(Stored items)
= = = =
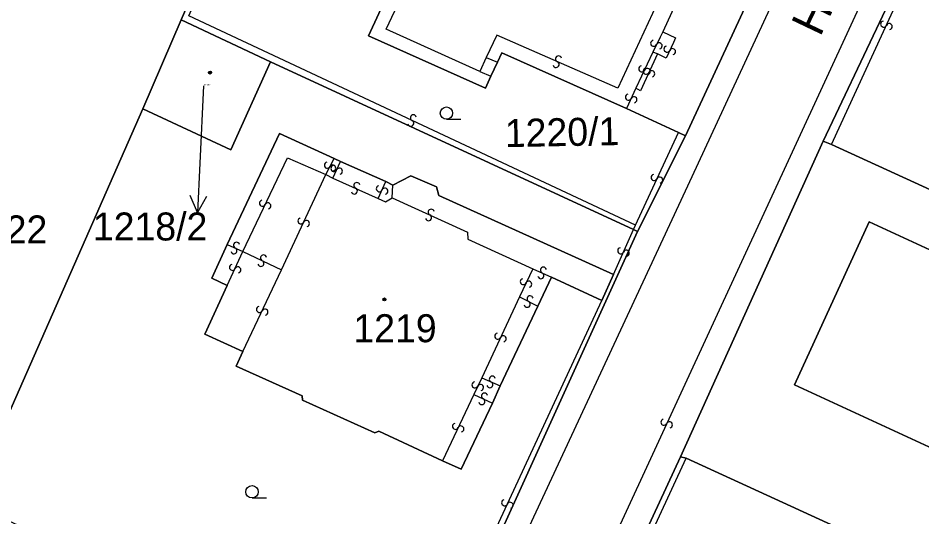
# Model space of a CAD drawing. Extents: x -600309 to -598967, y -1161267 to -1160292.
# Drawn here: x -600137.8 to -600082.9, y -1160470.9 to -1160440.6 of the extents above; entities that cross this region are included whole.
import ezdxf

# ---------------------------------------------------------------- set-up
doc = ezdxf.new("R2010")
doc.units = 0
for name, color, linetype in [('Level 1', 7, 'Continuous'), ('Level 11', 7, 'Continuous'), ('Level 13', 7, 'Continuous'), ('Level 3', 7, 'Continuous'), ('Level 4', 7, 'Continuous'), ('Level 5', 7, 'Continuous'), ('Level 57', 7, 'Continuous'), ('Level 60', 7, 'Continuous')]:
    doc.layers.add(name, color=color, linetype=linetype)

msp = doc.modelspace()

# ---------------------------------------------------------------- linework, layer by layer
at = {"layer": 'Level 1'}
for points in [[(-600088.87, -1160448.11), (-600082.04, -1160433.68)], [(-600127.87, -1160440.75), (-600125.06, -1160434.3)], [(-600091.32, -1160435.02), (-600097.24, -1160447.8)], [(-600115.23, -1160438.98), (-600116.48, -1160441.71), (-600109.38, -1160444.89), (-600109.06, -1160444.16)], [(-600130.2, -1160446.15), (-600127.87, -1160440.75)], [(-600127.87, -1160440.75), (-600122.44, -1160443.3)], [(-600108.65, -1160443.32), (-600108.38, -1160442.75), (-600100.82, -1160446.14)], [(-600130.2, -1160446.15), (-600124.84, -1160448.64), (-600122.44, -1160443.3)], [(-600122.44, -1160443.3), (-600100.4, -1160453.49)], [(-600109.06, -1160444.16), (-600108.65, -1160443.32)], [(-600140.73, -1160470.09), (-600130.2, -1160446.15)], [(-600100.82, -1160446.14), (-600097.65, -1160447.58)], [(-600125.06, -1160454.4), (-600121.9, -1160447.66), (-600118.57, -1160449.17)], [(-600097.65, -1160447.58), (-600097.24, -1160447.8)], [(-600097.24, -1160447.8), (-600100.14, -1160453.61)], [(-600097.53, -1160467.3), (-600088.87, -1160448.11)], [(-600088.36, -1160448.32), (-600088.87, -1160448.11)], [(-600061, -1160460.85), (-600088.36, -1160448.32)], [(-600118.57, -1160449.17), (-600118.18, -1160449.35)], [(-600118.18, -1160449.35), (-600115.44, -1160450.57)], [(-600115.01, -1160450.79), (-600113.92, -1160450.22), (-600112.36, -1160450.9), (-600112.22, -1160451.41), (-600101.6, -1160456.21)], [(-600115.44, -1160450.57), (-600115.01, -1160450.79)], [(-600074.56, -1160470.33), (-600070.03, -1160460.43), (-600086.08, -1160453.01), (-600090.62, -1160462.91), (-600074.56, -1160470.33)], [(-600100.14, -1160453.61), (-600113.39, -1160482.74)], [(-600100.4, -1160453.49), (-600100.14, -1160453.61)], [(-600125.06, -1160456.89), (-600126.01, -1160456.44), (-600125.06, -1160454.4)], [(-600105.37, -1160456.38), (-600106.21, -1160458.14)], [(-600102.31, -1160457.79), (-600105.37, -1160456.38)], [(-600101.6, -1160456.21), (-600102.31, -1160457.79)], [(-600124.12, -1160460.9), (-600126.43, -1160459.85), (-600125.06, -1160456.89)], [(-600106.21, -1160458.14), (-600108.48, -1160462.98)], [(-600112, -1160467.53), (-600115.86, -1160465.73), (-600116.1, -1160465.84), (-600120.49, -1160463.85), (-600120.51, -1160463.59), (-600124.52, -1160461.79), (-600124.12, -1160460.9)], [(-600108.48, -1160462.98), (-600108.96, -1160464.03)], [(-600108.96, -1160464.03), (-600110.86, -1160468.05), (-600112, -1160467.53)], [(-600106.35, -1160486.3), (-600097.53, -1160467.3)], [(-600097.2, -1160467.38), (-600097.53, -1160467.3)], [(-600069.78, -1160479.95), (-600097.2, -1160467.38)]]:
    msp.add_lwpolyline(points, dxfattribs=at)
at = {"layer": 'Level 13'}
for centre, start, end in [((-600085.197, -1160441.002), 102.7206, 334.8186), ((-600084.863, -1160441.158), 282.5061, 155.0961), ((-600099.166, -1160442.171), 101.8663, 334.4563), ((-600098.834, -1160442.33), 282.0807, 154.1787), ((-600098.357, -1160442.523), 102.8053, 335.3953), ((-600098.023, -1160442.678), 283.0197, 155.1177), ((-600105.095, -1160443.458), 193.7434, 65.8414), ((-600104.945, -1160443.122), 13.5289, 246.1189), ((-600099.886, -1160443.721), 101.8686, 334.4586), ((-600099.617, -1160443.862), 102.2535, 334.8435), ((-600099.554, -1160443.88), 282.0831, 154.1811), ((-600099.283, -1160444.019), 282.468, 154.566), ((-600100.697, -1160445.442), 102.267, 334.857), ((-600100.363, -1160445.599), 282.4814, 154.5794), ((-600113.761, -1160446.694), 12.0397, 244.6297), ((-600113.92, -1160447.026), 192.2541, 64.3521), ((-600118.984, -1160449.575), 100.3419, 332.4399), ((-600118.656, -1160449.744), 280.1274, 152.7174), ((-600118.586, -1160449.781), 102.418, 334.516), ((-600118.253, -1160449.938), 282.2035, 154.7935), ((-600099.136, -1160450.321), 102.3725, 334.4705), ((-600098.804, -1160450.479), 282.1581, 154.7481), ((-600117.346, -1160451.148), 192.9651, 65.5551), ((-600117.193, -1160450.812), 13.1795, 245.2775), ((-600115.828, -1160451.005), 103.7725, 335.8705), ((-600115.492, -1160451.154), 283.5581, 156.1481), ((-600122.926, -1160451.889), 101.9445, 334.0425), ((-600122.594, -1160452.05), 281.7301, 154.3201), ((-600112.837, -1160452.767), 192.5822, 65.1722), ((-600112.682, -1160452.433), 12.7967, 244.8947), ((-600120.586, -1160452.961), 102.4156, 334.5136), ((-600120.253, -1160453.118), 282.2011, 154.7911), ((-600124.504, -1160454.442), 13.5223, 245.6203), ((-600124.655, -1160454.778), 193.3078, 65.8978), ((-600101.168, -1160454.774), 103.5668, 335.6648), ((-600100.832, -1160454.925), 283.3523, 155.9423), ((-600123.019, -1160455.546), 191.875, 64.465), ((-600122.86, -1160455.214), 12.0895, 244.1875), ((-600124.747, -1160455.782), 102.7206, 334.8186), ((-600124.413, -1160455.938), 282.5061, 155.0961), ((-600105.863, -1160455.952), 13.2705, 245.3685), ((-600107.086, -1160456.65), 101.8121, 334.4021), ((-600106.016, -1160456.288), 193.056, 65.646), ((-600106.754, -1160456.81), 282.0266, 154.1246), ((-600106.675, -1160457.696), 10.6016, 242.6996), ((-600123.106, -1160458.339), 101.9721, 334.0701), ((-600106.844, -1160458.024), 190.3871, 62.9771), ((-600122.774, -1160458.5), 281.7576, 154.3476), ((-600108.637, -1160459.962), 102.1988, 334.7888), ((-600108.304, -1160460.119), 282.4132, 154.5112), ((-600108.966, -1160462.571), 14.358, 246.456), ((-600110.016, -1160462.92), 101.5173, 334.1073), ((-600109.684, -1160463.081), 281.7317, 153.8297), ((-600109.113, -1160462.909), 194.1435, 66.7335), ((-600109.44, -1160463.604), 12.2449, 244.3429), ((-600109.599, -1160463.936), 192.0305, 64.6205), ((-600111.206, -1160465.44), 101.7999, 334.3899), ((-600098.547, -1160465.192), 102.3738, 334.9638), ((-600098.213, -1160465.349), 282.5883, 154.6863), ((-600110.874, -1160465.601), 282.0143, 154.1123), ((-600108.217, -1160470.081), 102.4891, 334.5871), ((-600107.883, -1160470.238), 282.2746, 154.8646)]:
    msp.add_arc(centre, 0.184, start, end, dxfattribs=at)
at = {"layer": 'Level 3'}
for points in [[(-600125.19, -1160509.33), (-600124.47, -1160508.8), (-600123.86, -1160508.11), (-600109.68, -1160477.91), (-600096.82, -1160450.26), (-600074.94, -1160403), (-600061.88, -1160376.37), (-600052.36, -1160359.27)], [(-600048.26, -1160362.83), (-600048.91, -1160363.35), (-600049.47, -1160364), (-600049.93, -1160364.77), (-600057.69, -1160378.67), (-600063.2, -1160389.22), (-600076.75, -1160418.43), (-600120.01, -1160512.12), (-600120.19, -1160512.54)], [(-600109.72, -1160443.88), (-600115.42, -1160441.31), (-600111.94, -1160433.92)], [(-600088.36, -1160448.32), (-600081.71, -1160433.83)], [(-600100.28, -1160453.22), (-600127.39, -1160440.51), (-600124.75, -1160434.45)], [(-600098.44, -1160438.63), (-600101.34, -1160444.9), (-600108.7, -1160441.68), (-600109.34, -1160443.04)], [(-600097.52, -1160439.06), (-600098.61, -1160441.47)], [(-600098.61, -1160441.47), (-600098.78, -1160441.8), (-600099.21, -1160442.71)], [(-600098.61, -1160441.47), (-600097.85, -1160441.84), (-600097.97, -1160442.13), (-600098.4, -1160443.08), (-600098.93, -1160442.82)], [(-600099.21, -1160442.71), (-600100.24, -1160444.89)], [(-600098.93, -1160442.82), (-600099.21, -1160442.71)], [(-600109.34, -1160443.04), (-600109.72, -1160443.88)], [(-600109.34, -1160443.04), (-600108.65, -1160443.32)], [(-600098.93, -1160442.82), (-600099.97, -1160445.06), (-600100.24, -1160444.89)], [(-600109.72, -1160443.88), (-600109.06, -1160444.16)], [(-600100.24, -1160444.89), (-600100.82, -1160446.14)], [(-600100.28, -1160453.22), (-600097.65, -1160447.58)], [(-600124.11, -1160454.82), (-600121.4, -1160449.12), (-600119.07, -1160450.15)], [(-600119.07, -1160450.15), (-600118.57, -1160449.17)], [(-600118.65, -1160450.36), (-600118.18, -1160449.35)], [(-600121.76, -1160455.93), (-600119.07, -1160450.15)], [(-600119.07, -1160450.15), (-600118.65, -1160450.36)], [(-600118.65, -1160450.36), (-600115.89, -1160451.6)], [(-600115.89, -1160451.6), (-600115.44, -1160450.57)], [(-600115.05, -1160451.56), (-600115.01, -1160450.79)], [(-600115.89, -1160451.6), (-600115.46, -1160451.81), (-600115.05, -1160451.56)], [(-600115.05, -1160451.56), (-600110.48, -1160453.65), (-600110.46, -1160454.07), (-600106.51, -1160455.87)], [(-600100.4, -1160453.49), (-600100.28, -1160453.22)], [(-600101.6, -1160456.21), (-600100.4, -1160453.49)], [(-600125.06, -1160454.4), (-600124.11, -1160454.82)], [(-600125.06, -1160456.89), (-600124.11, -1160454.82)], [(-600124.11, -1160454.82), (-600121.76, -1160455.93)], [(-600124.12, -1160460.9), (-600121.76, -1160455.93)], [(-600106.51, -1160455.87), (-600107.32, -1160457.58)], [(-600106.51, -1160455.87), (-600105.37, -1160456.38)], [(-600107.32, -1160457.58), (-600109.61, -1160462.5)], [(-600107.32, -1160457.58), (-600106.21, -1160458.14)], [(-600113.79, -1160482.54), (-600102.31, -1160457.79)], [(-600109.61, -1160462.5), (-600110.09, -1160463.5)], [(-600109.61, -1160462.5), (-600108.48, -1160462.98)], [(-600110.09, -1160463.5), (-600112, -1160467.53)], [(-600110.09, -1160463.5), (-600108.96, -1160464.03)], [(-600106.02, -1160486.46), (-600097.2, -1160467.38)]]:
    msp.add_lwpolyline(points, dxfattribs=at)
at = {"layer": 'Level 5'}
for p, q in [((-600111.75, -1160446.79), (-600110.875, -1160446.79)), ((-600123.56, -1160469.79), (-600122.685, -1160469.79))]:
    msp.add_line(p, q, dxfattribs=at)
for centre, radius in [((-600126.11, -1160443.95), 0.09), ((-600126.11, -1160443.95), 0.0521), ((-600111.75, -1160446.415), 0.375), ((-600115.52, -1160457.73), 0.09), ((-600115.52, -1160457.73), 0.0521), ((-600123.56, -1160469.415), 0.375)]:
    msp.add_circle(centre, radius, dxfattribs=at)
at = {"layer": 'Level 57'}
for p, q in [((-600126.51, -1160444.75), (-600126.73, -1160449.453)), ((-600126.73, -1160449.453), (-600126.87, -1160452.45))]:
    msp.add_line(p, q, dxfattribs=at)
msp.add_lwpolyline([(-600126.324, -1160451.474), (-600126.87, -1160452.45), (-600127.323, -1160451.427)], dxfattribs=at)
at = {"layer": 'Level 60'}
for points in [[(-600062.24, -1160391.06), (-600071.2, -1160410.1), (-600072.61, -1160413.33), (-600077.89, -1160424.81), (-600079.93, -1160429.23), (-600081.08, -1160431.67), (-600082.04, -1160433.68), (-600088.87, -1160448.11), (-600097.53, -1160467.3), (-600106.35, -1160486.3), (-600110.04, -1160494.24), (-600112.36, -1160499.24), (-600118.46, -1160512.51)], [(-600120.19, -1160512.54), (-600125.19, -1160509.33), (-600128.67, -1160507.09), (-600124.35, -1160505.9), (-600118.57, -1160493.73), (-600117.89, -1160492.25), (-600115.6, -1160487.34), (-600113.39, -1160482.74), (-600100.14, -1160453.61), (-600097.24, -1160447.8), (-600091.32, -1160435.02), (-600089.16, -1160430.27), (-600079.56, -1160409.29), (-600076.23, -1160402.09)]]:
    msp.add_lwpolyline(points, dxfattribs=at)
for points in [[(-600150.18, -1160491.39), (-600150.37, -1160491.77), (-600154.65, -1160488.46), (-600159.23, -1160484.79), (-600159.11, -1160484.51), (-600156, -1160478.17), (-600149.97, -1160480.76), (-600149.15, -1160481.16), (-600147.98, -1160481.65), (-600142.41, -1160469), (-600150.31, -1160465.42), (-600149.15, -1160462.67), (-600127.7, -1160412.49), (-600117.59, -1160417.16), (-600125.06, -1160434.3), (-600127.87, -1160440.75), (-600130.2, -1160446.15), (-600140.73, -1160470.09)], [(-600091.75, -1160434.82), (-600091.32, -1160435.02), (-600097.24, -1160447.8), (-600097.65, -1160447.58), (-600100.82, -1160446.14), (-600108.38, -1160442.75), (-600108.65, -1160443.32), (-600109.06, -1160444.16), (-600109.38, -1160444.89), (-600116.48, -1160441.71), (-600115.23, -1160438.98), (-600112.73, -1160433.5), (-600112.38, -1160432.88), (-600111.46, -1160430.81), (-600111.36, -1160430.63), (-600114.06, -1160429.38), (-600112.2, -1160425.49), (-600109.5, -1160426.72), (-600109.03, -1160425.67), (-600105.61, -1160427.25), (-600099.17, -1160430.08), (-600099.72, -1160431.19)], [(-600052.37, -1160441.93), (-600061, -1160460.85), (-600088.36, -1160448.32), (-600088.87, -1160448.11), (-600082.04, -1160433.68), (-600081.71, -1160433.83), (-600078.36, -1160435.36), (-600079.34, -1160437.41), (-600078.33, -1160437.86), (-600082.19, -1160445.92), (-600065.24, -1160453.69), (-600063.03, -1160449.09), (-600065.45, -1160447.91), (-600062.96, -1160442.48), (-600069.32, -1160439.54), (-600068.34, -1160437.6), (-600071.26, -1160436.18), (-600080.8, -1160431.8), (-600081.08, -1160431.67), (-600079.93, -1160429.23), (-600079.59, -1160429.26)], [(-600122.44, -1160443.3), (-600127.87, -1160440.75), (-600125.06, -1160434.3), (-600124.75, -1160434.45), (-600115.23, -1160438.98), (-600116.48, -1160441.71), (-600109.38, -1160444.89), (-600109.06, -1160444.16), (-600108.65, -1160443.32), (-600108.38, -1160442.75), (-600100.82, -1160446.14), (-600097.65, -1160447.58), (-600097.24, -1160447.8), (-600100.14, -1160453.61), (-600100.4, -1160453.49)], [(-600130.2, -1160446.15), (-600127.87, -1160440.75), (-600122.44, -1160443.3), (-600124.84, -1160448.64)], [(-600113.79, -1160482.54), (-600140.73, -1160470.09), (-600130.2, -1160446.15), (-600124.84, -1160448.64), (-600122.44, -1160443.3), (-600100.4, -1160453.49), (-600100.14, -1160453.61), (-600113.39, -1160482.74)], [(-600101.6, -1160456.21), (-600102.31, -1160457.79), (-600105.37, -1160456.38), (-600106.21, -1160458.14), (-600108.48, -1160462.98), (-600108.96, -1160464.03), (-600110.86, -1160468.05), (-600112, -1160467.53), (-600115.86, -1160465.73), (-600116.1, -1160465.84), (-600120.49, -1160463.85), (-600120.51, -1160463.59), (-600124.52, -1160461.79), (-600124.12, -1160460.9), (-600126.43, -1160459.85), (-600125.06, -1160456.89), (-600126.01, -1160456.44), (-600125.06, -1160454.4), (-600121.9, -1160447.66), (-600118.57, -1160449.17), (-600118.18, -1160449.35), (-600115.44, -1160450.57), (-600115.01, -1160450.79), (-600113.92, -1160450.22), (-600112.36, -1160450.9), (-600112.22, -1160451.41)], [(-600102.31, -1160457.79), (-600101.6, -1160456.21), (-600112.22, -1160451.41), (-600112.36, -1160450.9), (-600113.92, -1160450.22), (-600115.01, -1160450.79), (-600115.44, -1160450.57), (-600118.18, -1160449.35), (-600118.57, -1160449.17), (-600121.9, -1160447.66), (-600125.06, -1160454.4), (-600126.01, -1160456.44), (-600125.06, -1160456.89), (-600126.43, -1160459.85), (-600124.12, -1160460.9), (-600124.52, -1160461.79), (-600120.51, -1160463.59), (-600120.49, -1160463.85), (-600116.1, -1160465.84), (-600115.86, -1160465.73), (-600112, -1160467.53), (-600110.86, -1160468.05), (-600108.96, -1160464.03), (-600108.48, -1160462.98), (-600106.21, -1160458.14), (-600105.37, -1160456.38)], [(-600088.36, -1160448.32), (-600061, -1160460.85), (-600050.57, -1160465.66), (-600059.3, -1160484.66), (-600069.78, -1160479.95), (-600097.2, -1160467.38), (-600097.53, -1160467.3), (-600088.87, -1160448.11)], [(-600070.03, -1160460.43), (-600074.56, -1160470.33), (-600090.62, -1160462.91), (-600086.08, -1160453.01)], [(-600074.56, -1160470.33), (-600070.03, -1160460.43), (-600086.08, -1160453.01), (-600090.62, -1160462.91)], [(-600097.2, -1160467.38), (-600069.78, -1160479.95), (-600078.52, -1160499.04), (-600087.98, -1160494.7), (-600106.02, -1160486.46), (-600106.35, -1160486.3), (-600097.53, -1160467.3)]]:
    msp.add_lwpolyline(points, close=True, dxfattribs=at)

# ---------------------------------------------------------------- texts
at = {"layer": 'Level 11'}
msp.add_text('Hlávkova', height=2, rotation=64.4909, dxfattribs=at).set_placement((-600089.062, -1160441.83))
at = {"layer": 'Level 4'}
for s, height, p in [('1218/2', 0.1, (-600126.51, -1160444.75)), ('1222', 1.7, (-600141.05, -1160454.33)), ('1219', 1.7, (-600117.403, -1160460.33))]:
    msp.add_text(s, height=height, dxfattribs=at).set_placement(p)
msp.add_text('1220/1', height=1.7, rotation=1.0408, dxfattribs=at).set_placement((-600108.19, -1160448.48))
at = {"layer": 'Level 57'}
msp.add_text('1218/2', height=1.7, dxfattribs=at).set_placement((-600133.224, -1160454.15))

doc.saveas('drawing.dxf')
= = = =
> [WHAT THE EXERCISE ASKS]:
Begin with the line containing "msp.add_text(s, height=height, dxfattribs=at).set_placement(p)" and retype it and each line after it through the end of the records, keeping them exact and including nothing more.

> [TASK ANSWER]:
    msp.add_text(s, height=height, dxfattribs=at).set_placement(p)
msp.add_text('1220/1', height=1.7, rotation=1.0408, dxfattribs=at).set_placement((-600108.19, -1160448.48))
at = {"layer": 'Level 57'}
msp.add_text('1218/2', height=1.7, dxfattribs=at).set_placement((-600133.224, -1160454.15))

doc.saveas('drawing.dxf')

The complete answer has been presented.